The novel works with numerous literary allusions, since both Murr and Kreisler try to identify themselves as highly educated people in their notes. The view held by some researchers that one can view those literary and philosophical quotations detached from their two protagonists, however, disregards their specific characterization. In particular, the ironic, sometimes sarcastic exaggeration of the cat as a highly vain and self-satisfied fanatic, is not taken into account: he knows many poets' verses, but uses them extremely ineptly to illuminate his negative sides. Amusing for the reader, Murr effortlessly combines the comfort of herring pots with lyrical profundity. Hoffmann's concern and art is to show that exaggerated enthusiasm is a long way from creating an artist - a central topic that the author already dealt with in his story The Sandman from 1816.

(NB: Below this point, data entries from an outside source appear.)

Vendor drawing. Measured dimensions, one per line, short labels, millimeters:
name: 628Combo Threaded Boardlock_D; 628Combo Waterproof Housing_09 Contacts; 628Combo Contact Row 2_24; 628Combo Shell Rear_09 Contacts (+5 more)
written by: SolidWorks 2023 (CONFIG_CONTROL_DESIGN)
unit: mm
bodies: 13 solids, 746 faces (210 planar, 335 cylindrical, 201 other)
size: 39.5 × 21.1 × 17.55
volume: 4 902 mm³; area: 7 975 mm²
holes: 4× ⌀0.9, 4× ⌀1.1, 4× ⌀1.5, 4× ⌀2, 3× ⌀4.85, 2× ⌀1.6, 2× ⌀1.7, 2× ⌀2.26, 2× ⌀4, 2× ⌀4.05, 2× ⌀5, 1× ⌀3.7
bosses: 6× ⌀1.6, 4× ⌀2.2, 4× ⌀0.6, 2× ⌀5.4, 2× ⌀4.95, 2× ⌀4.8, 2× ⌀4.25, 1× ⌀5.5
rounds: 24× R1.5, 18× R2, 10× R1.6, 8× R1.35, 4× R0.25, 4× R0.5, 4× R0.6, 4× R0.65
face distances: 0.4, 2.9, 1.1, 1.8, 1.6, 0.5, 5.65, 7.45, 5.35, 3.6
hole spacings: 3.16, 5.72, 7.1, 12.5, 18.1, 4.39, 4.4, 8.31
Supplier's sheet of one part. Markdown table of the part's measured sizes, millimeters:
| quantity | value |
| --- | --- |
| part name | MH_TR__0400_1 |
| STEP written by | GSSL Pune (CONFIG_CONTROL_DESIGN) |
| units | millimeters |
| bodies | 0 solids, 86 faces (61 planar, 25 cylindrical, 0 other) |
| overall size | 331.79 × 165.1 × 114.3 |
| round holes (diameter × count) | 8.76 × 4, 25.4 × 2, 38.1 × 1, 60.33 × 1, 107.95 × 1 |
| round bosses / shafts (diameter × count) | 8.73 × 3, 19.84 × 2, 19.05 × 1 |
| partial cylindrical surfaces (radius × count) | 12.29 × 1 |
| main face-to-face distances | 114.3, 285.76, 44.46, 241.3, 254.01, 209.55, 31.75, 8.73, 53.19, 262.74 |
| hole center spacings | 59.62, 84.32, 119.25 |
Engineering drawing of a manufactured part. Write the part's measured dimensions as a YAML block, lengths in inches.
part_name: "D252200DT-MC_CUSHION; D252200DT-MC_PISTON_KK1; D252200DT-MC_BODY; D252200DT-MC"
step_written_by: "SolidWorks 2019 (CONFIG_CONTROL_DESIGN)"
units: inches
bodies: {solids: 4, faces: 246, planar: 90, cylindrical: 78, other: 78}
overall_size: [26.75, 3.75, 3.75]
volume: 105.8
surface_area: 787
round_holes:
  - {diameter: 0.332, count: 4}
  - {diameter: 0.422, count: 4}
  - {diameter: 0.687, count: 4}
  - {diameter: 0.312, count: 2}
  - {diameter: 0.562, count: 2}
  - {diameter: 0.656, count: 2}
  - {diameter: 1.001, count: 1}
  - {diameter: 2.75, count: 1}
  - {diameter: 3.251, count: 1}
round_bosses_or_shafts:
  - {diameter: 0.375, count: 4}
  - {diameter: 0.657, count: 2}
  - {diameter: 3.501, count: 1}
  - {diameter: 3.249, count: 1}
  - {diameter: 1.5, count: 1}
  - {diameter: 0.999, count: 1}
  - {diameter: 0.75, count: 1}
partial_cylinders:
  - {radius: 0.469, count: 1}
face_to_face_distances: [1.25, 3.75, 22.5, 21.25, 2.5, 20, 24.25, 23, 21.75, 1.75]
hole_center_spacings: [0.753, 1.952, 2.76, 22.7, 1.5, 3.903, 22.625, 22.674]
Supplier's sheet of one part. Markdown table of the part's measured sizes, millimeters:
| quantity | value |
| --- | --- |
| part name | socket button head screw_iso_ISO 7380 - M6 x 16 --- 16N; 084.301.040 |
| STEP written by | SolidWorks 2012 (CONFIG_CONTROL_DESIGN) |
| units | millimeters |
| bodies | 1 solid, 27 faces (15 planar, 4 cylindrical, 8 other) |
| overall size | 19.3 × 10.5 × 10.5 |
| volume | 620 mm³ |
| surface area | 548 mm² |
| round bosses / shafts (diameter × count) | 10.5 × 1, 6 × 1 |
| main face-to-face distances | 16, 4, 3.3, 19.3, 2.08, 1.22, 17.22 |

Kater Murr stands in the tradition of humorous novels. It is thus essentially shaped by satire , irony and parody .

satire

The satire predominates in the Murr-Passagen: swipes at the art world, science, civil society and current politics characterize these sections of the text. In the foreword of the novel, Hoffmann introduces himself as the editor who “got to know the cat Murr personally and found in him a man of pleasantly mild morals”. Even here - followed by a double "foreword" by the tomcat, to which the publisher's postscript is appended - Hoffmann characterizes the following as satire: Not only are the records of a tomcat available and also find an editor, the tomcat becomes on top of that humanized as a "man" and also as one with "mild morals" beyond what is to be expected.

irony

There are also satirical attacks on society in the Kreisler Passages. The customs described here at the court of Duodec Prince Irenaeus are primarily directed against the noble customs of his time. Their irony is the means by which Kreisler, an artist who suffers to a great extent from the profanity of the bourgeois world and its so-called philistines , tries to arm himself against the gap between reality and the artist ideal, which he regards as unbearably large. “In order to withstand the onslaught of reality at all,” the author allows his fantasy to go to the limits of the surreal, where it breaks “in painful irony” as absurd.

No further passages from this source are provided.